Below is the language's EBNF-based grammar, and following that are some examples of programs that the language can run. Even further down is a link to a repl.it where the programs can be run.

Parser

Parser builds up a syntax tree of the program from the tokens created by the Lexer. The parses has to figure out if the tokens match out language grammar. If it does, generate a tree accordingly. For example: "200 200 +" makes no sense in our language. While "123 + 456" makes perfect sense.

In other words, order of operations are being followed and the parses construct the syntax tree accordingly to meet its requirements, as illustrated below:

To understand the source code of the parser, I below illustrated the grammar of a mathematical expression that is being analyzed while parsing to ensure that the order of operations are followed:

Interpreter

The role of the interpreter is to traverse through the AST (Abstract Syntax Tree) that the parser builds, look for different node types and determine what code should be executed. For example, if it comes across a binary operation node with a '+' operator - it will add its left and right child nodes together. The AST (Abstract Syntax Tree) will allow the interpreter to follow the order of operations correctly.

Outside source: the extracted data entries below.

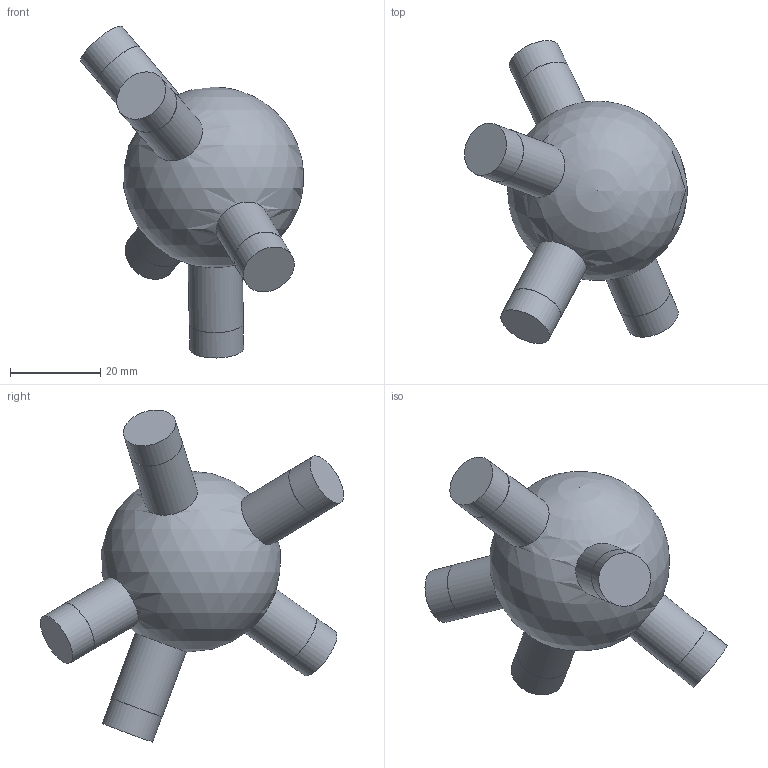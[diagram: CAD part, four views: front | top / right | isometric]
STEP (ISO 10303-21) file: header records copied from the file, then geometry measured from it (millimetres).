
FILE_DESCRIPTION(('Open CASCADE Model'),'2;1');
FILE_NAME('Open CASCADE Shape Model','2026-10-21T12:47:57',('Author'),( 'Open CASCADE'),'Open CASCADE STEP processor 7.9','Open CASCADE 7.9' ,'Unknown');
FILE_SCHEMA(('AUTOMOTIVE_DESIGN { 1 0 10303 214 1 1 1 1 }'));
Length unit declared in the file: millimetre
Products named in the file (1): Open CASCADE STEP translator 7.9 72
Bounding box: 49.39 x 67.16 x 73.54 mm (x, y, z)
Volume: 44246.6 mm3; surface area: 8688.8 mm2
Topology: 1 solids, 1 shells, 21 faces, 33 edges, 22 vertices
Faces by surface type: cylinder 10, plane 10, sphere 1
Full cylindrical faces by diameter (mm): 11.9 x5, 12 x5
Entity records: 1276 total; most frequent: CARTESIAN_POINT 551, DIRECTION 149, ORIENTED_EDGE 60, PCURVE 60, DEFINITIONAL_REPRESENTATION 60, LINE 50, VECTOR 50, AXIS2_PLACEMENT_3D 42

Steps for implementing new operators

Variables declaration

Comparison, Logical Operators and Booleans

>> Comparison Operators: =, !=, <, >, <=, >=

>> Logical Operators: and, or, not
- Example of Logical Operators:
- 5 == 5 and 6 == 6 => 1
- 1 + 1 == 2 or 2 + 2 == 5 => 1

>> Booleans: 0 = FALSE, 1 = TRUE

Grammar

Grammar (EBNF-based) of the Lemo-Programming Language

-> Grammar (EBNF-based) of the Lemo-Programming Language <-

statements : NEWLINE* statement (NEWLINE+ statement)* NEWLINE\*

statement : KEYWORD:RETURN expr?
: KEYWORD:CONTINUE
: KEYWORD:BREAK
: expr

expr : KEYWORD:VAR IDENTIFIER EQ expr
: comp-expr ((KEYWORD:AND|KEYWORD:OR) comp-expr)\*

comp-expr : NOT comp-expr
: arith-expr ((EE|LT|GT|LTE|GTE) arith-expr)\*

arith-expr : term ((PLUS|MINUS) term)\*

term : factor ((MUL|DIV) factor)\*

factor : (PLUS|MINUS) factor
: power

power : call (POW factor)\*

call : atom (LPAREN (expr (COMMA expr)\*)? RPAREN)?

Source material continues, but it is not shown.